[Records drawn from a dataset]
↓

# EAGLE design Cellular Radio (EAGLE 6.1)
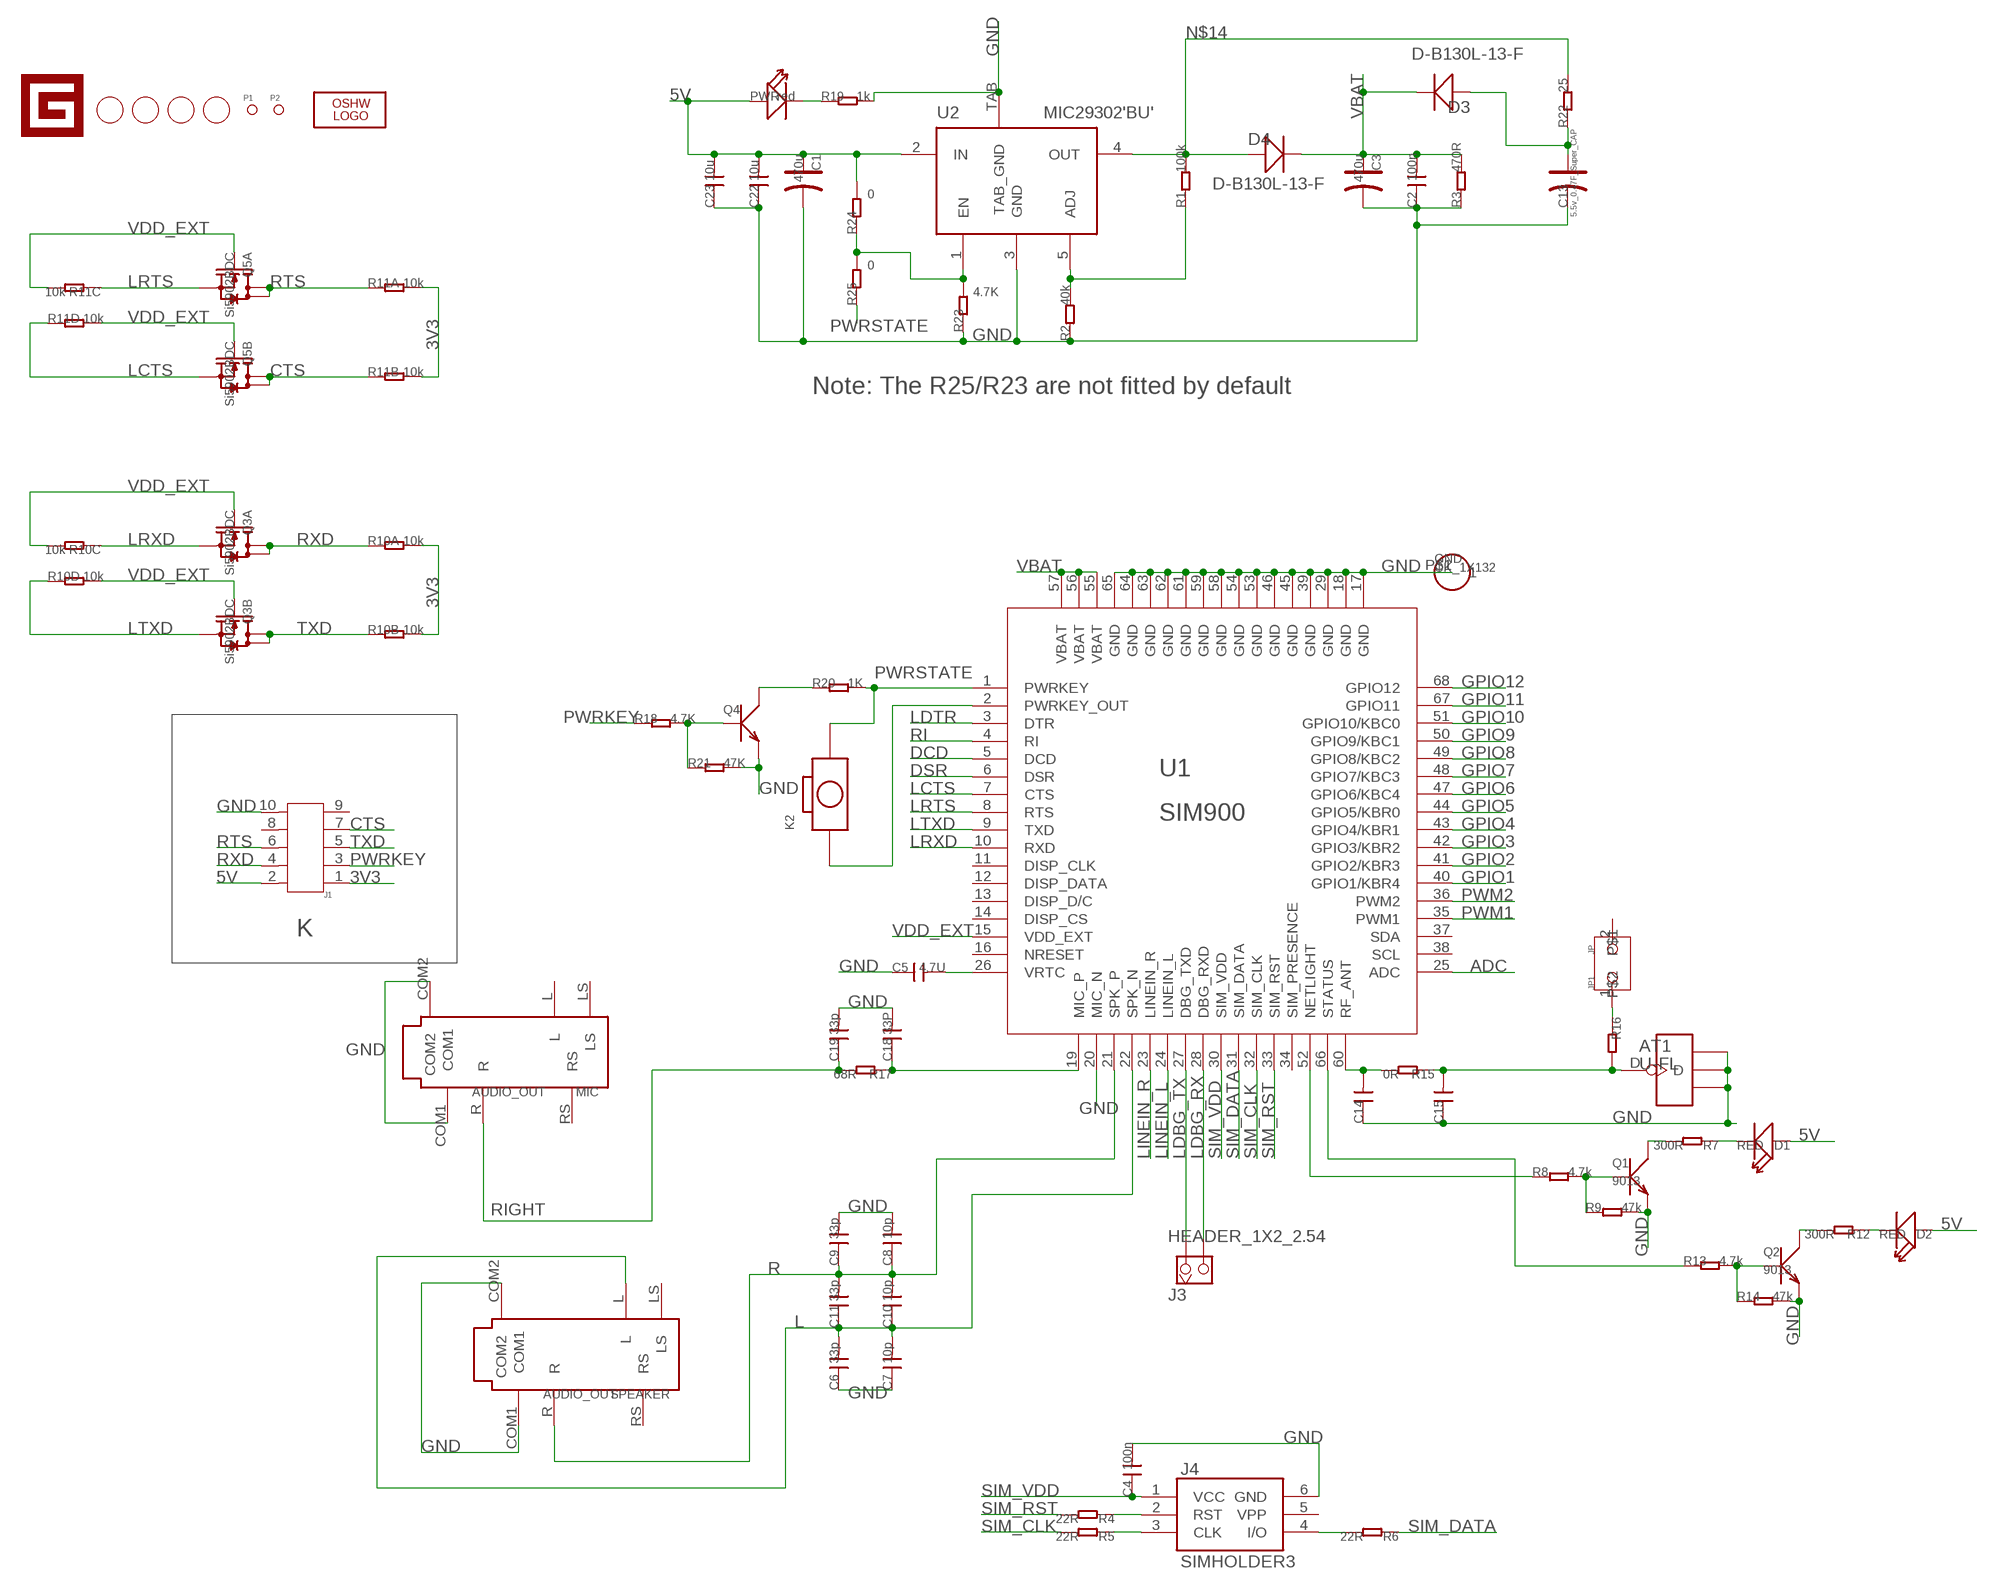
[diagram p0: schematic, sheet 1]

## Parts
AT1  U-FL  [U-FL]
C1  470u  006-CAP_AVX_D  [AVX_D]
C2  100n  006-C0805  [0805@1]
C3  470u  006-CAP_AVX_D  [AVX_D]
C4  100n  006-C0603  [0603@1]
C5  4.7U  006-C0805  [0805@1]
C6  33p  006-C0402  [0402]
C7  10p  006-C0402  [0402]
C8  10p  006-C0402  [0402]
C9  33p  006-C0402  [0402]
C10  10p  006-C0402  [0402]
C11  33p  006-C0402  [0402]
C13  5.5v_0.47F_Super_CAP  006-CAP_UC13  [SUPER_CAP_R13]
C14  006-C0402  [0402]
C15  006-C0402  [0402]
C18  33P  006-C0603  [0603@1]
C19  33p  006-C0603  [0603@1]
C22  10u  006-C0805  [0805@1]
C23  10u  006-C0805  [0805@1]
D1  RED  007-LED0603  [D0603]
D2  RED  007-LED0603  [D0603]
D3  D-B130L-13-F  [SMA]
D4  D-B130L-13-F  [SMA]
GND  CK_1X132  [CK_1X1]
J1  HEADER-SHF-105-01-L-D-SM  [SHF-105-01-L-D-SM]
J3  HEADER_1X2_2.54  [CK_1*2]
J4  SIMHOLDER3  [SIMHOLDER3]
JP1  JP  [JP]
K2  BOTTON_1_DP  [BTN_5.0_RST]
LOGO1  LOGO-OSHW-FILLX0150-NT  [OSHW_FILLX150_NOTEXT]
MIC  AUDIO_OUT  AUDIO  [3.5MM_AUDIO]
P1  PAD-MARK  [ROUND-MARK-0.635]
P2  PAD-MARK  [ROUND-MARK-0.635]
PWR  red  007-LED0603  [D0603]
Q1  9013  010-NPNSOT23  [SOT23]
Q2  9013  010-NPNSOT23  [SOT23]
Q3  Si5902BDC  010-DUAL-N-MOSFET_1206-8  [1206-8]
Q4  TRANSISTOR-NPN-SOT23''  [SOT23]
Q5  Si5902BDC  010-DUAL-N-MOSFET_1206-8  [1206-8]
R1  100k  005-R0805  [0805@1]
R2  40k  005-R0805  [0805@1]
R3  470R  005-R0805  [0805@1]
R4  22R  005-R0603  [0603@1]
R5  22R  005-R0603  [0603@1]
R6  22R  005-R0603  [0603@1]
R7  300R  005-R0603  [0603@1]
R8  4.7k  005-R0603  [0603@1]
R9  47k  005-R0603  [0603@1]
R10  10k  005-4R_1206  [R1206-8]
R11  10k  005-4R_1206  [R1206-8]
R12  300R  005-R0603  [0603@1]
R13  4.7k  005-R0603  [0603@1]
R14  47k  005-R0603  [0603@1]
R15  0R  005-R0402  [0402]
R16  005-R0402  [0402]
R17  68R  005-R0603  [0603@1]
R18  4.7K  005-R0402  [0402]
R19  1k  005-R0603  [0603@1]
R20  1K  005-R0402  [0402]
R21  47K  005-R0402  [0402]
R22  25  R-0603  [0603]
R23  4.7K  R-0603  [0603]
R24  0  R-0603  [0603]
R25  0  R-0603  [0603]
SPEAKER  AUDIO_OUT  AUDIO  [3.5MM_AUDIO]
U1  SIM900  [SIM900]
U2  MIC29302'BU'  [TO-263]
U$1  LOGO-GADGETEER-NORMAL  [GADGETEER-SILK]
U$2  PAD-HOLE'3.2/7.0'  [HOLE-D-3.2/7.0]
U$3  PAD-HOLE'3.2/7.0'  [HOLE-D-3.2/7.0]
U$4  PAD-HOLE'3.2/7.0'  [HOLE-D-3.2/7.0]
U$5  PAD-HOLE'3.2/7.0'  [HOLE-D-3.2/7.0]

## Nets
3V3: J1.1 R10.7 R10.8 R11.7 R11.8
5V: C1.+ C22.2 C23.2 D1.+ D2.+ J1.2 PWR.+ R24.2 U2.2(IN)
ADC: U1.25(ADC)
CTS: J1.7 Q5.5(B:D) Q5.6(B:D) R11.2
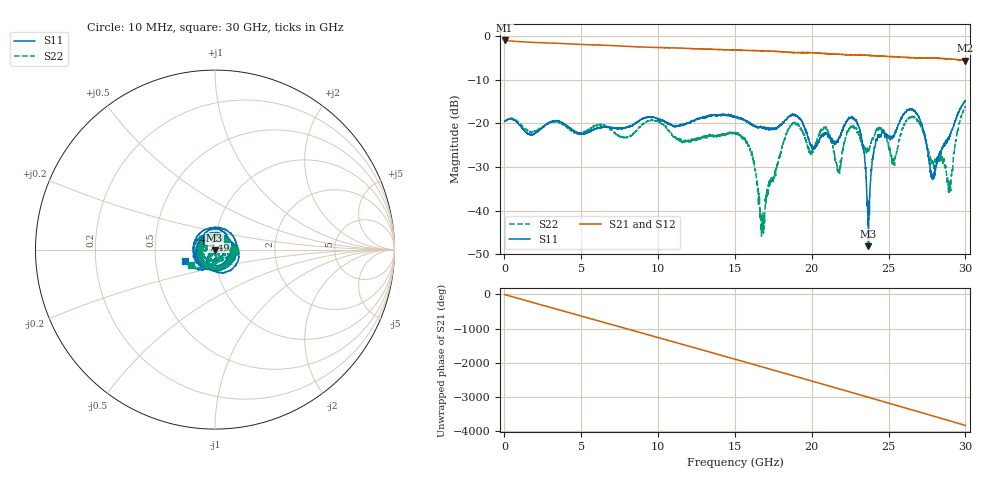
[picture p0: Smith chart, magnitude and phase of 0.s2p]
#  HZ  S  DB  R  50.00
! Rohde & Schwarz Vector Network Analyzer
! Rohde-Schwarz,ZNB40-4Port,1311601084101679,3.45
! Created: UTC 10/20/2022, 5:22:27 PM
! freq[Hz]  db:S11  ang:S11  db:S31  ang:S31  db:S13  ang:S13  db:S33  ang:S33
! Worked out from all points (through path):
!   3000 points, 10 MHz to 30 GHz, reference 50 ohm
!   highest |S21| = -1.00 dB at 10 MHz (marker M1); lowest = -5.6 dB at 30 GHz (marker M2)
!   group delay of S21, straight-line fit = 354 ps
!   lowest |S11| = -48.2 dB at 23.69 GHz (marker M3), VSWR 1.01, Z = 49.7 - j0.29 ohm
!   |S11| at or under -10 dB: start of sweep to end of sweep
!   |S22| runs from -45.9 to -16.1 dB; largest |S21 - S12| = 0.013
!   S11 on the Smith chart (normalised r, x): 10 MHz: 1.24, -0.00; 7.49 GHz: 0.87, +0.10; 30 GHz: 0.71, -0.09
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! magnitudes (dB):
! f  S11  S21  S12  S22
! 10 MHz  -19.5  -1.0  -1.0  -19.5
! 5.01 GHz  -22.3  -1.9  -1.9  -22.2
! 7.49 GHz  -21.1  -2.3  -2.3  -23.0
! 10.01 GHz  -19.1  -2.6  -2.6  -19.5
! 11.59 GHz  -20.5  -2.8  -2.8  -24.3
! 15.01 GHz  -18.5  -3.2  -3.2  -22.3
! 16.11 GHz  -20.2  -3.3  -3.3  -26.5
! 16.78 GHz  -20.9  -3.4  -3.4  -44.5
! 18.58 GHz  -18.3  -3.7  -3.7  -20.8
! 20.01 GHz  -25.0  -3.8  -3.8  -26.3
! 20.91 GHz  -22.4  -4.0  -4.0  -21.1
! 21.78 GHz  -23.1  -4.2  -4.1  -30.6
! 22.77 GHz  -19.2  -4.3  -4.3  -20.9
! 23.29 GHz  -24.3  -4.4  -4.3  -25.2
! 23.69 GHz  -48.2  -4.4  -4.4  -26.5
! 24.21 GHz  -23.6  -4.5  -4.5  -21.7
! 25.01 GHz  -23.1  -4.7  -4.6  -25.5
! 25.35 GHz  -23.1  -4.7  -4.7  -28.7
! 26.65 GHz  -17.1  -5.0  -4.9  -18.5
! 27.86 GHz  -32.4  -5.1  -5.0  -29.2
! 28.95 GHz  -23.2  -5.2  -5.2  -34.9
! 30 GHz  -14.9  -5.6  -5.6  -16.1

↑

• What the task requires:
Give the records above again in full and exactly, but exclude every picture.

• Your response:
# EAGLE design Cellular Radio (EAGLE 6.1)
[diagram p0: schematic, sheet 1]

## Parts
AT1  U-FL  [U-FL]
C1  470u  006-CAP_AVX_D  [AVX_D]
C2  100n  006-C0805  [0805@1]
C3  470u  006-CAP_AVX_D  [AVX_D]
C4  100n  006-C0603  [0603@1]
C5  4.7U  006-C0805  [0805@1]
C6  33p  006-C0402  [0402]
C7  10p  006-C0402  [0402]
C8  10p  006-C0402  [0402]
C9  33p  006-C0402  [0402]
C10  10p  006-C0402  [0402]
C11  33p  006-C0402  [0402]
C13  5.5v_0.47F_Super_CAP  006-CAP_UC13  [SUPER_CAP_R13]
C14  006-C0402  [0402]
C15  006-C0402  [0402]
C18  33P  006-C0603  [0603@1]
C19  33p  006-C0603  [0603@1]
C22  10u  006-C0805  [0805@1]
C23  10u  006-C0805  [0805@1]
D1  RED  007-LED0603  [D0603]
D2  RED  007-LED0603  [D0603]
D3  D-B130L-13-F  [SMA]
D4  D-B130L-13-F  [SMA]
GND  CK_1X132  [CK_1X1]
J1  HEADER-SHF-105-01-L-D-SM  [SHF-105-01-L-D-SM]
J3  HEADER_1X2_2.54  [CK_1*2]
J4  SIMHOLDER3  [SIMHOLDER3]
JP1  JP  [JP]
K2  BOTTON_1_DP  [BTN_5.0_RST]
LOGO1  LOGO-OSHW-FILLX0150-NT  [OSHW_FILLX150_NOTEXT]
MIC  AUDIO_OUT  AUDIO  [3.5MM_AUDIO]
P1  PAD-MARK  [ROUND-MARK-0.635]
P2  PAD-MARK  [ROUND-MARK-0.635]
PWR  red  007-LED0603  [D0603]
Q1  9013  010-NPNSOT23  [SOT23]
Q2  9013  010-NPNSOT23  [SOT23]
Q3  Si5902BDC  010-DUAL-N-MOSFET_1206-8  [1206-8]
Q4  TRANSISTOR-NPN-SOT23''  [SOT23]
Q5  Si5902BDC  010-DUAL-N-MOSFET_1206-8  [1206-8]
R1  100k  005-R0805  [0805@1]
R2  40k  005-R0805  [0805@1]
R3  470R  005-R0805  [0805@1]
R4  22R  005-R0603  [0603@1]
R5  22R  005-R0603  [0603@1]
R6  22R  005-R0603  [0603@1]
R7  300R  005-R0603  [0603@1]
R8  4.7k  005-R0603  [0603@1]
R9  47k  005-R0603  [0603@1]
R10  10k  005-4R_1206  [R1206-8]
R11  10k  005-4R_1206  [R1206-8]
R12  300R  005-R0603  [0603@1]
R13  4.7k  005-R0603  [0603@1]
R14  47k  005-R0603  [0603@1]
R15  0R  005-R0402  [0402]
R16  005-R0402  [0402]
R17  68R  005-R0603  [0603@1]
R18  4.7K  005-R0402  [0402]
R19  1k  005-R0603  [0603@1]
R20  1K  005-R0402  [0402]
R21  47K  005-R0402  [0402]
R22  25  R-0603  [0603]
R23  4.7K  R-0603  [0603]
R24  0  R-0603  [0603]
R25  0  R-0603  [0603]
SPEAKER  AUDIO_OUT  AUDIO  [3.5MM_AUDIO]
U1  SIM900  [SIM900]
U2  MIC29302'BU'  [TO-263]
U$1  LOGO-GADGETEER-NORMAL  [GADGETEER-SILK]
U$2  PAD-HOLE'3.2/7.0'  [HOLE-D-3.2/7.0]
U$3  PAD-HOLE'3.2/7.0'  [HOLE-D-3.2/7.0]
U$4  PAD-HOLE'3.2/7.0'  [HOLE-D-3.2/7.0]
U$5  PAD-HOLE'3.2/7.0'  [HOLE-D-3.2/7.0]

## Nets
3V3: J1.1 R10.7 R10.8 R11.7 R11.8
5V: C1.+ C22.2 C23.2 D1.+ D2.+ J1.2 PWR.+ R24.2 U2.2(IN)
ADC: U1.25(ADC)
CTS: J1.7 Q5.5(B:D) Q5.6(B:D) R11.2
[picture p0: Smith chart, magnitude and phase of 0.s2p]
#  HZ  S  DB  R  50.00
! Rohde & Schwarz Vector Network Analyzer
! Rohde-Schwarz,ZNB40-4Port,1311601084101679,3.45
! Created: UTC 10/20/2022, 5:22:27 PM
! freq[Hz]  db:S11  ang:S11  db:S31  ang:S31  db:S13  ang:S13  db:S33  ang:S33
! Worked out from all points (through path):
!   3000 points, 10 MHz to 30 GHz, reference 50 ohm
!   highest |S21| = -1.00 dB at 10 MHz (marker M1); lowest = -5.6 dB at 30 GHz (marker M2)
!   group delay of S21, straight-line fit = 354 ps
!   lowest |S11| = -48.2 dB at 23.69 GHz (marker M3), VSWR 1.01, Z = 49.7 - j0.29 ohm
!   |S11| at or under -10 dB: start of sweep to end of sweep
!   |S22| runs from -45.9 to -16.1 dB; largest |S21 - S12| = 0.013
!   S11 on the Smith chart (normalised r, x): 10 MHz: 1.24, -0.00; 7.49 GHz: 0.87, +0.10; 30 GHz: 0.71, -0.09
! magnitudes (dB):
! f  S11  S21  S12  S22
! 10 MHz  -19.5  -1.0  -1.0  -19.5
! 5.01 GHz  -22.3  -1.9  -1.9  -22.2
! 7.49 GHz  -21.1  -2.3  -2.3  -23.0
! 10.01 GHz  -19.1  -2.6  -2.6  -19.5
! 11.59 GHz  -20.5  -2.8  -2.8  -24.3
! 15.01 GHz  -18.5  -3.2  -3.2  -22.3
! 16.11 GHz  -20.2  -3.3  -3.3  -26.5
! 16.78 GHz  -20.9  -3.4  -3.4  -44.5
! 18.58 GHz  -18.3  -3.7  -3.7  -20.8
! 20.01 GHz  -25.0  -3.8  -3.8  -26.3
! 20.91 GHz  -22.4  -4.0  -4.0  -21.1
! 21.78 GHz  -23.1  -4.2  -4.1  -30.6
! 22.77 GHz  -19.2  -4.3  -4.3  -20.9
! 23.29 GHz  -24.3  -4.4  -4.3  -25.2
! 23.69 GHz  -48.2  -4.4  -4.4  -26.5
! 24.21 GHz  -23.6  -4.5  -4.5  -21.7
! 25.01 GHz  -23.1  -4.7  -4.6  -25.5
! 25.35 GHz  -23.1  -4.7  -4.7  -28.7
! 26.65 GHz  -17.1  -5.0  -4.9  -18.5
! 27.86 GHz  -32.4  -5.1  -5.0  -29.2
! 28.95 GHz  -23.2  -5.2  -5.2  -34.9
! 30 GHz  -14.9  -5.6  -5.6  -16.1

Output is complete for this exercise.